Print nothing but the lines from the start of the listing below through the line that contains "Author: CADCIM 00". Do not include the pictures.
++++++++++
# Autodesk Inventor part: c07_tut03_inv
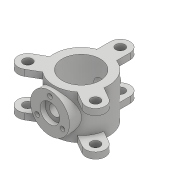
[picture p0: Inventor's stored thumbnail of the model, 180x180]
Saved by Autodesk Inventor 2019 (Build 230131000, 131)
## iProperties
Created: 2017-04
Part Number: c07_tut03_inv
Material: Generic
Document SubType Name: Modeling
Designer: CADCIM 00
Density: 1 g/cm^3
Appearance: Default
Author: CADCIM 00
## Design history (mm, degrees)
sketch "Sketch1"
  geometry: C1 r 140 at (0, 0); C2 r 97 at (0, 0); 1 further point
  constraints: 2 centre point, 2 coincident
  dimensions: "d0" = 280 diameter of C1; "d1" = 194 diameter of C2
extrude "Extrusion1" new body sketch "Sketch1" stored distance "d2" = 225; taper "d3" = 0 deg
workplane "Work Plane1"
sketch "Sketch2"
  geometry: C1 r 100 at (0, 0); 1 further point
  constraints: 1 centre point, 1 coincident
  dimensions: "d5" = 200 diameter of C1
extrude "Extrusion2" join sketch "Sketch2" stored distance "d6" = 225; taper "d7" = 0 deg
workplane "Work Plane2"
sketch "Sketch3"
  geometry: C1 r 37.5 at (0, 0); 1 further point
  constraints: 1 centre point, 1 coincident
  dimensions: "d9" = 75 diameter of C1
extrude "Extrusion3" join sketch "Sketch3" stored distance "d10" = 225; taper "d11" = 0 deg
hole "Hole1" diameter "d14" = 56; stored, may be unused: countersink angle "d18" = 90 deg, drill point angle "d20" = 0 deg; dims "d12" = 10, "d13" = 10, "d15" = 6, "d16" = 100, "d17" = 25, "d19" = 310
sketch "Sketch6"
  geometry: 2 further points
  constraints: 1 vertical alignment
  dimensions: "d21" = 75 distance of point (0, 75) point (0, 0)
hole "Hole2" sketch "Sketch6" at (0, 75) diameter "d22" = 24; stored, may be unused: countersink angle "d26" = 90 deg, drill point angle "d28" = 0 deg; dims "d23" = 6, "d24" = 100, "d25" = 25, "d27" = 15
pattern_circular "Circular Pattern1" dims angle "d30" = 360 deg
sketch "Sketch7"
  geometry: L1 (-50, 130.767)-(-50, 200); L2 (50, 200)-(50, 130.767); L3 (0, 0)-(0, 200); C1 r 23.5 at (0, 200); A1 r 50 centre (0, 200) between (50, 200) and (-50, 200); A2 r 140 centre (0, 0) between (-50, 130.767) and (50, 130.767) reference; 1 further point
  constraints: 6 end point, 4 point on circle, 2 centre point, 2 tangent, 2 vertical, 1 coincident, 1 parallel
  dimensions: "d32" = 200 distance of point (0, 0) L3.end; "d34" = 47 diameter of C1; "d40" = 50 radius of A1
extrude "Extrusion4" join sketch "Sketch7" distance "d35" = 32; taper "d36" = 0 deg
pattern_circular "Circular Pattern2" dims angle "d38" = 360 deg
mirror "Mirror1"
body "Solid1"
other parameters: "d8" = 325
++++++++++
Exercise result =>
# Autodesk Inventor part: c07_tut03_inv
[picture p0: Inventor's stored thumbnail of the model, 180x180]
Saved by Autodesk Inventor 2019 (Build 230131000, 131)
## iProperties
Created: 2017-04
Part Number: c07_tut03_inv
Material: Generic
Document SubType Name: Modeling
Designer: CADCIM 00
Density: 1 g/cm^3
Appearance: Default
Author: CADCIM 00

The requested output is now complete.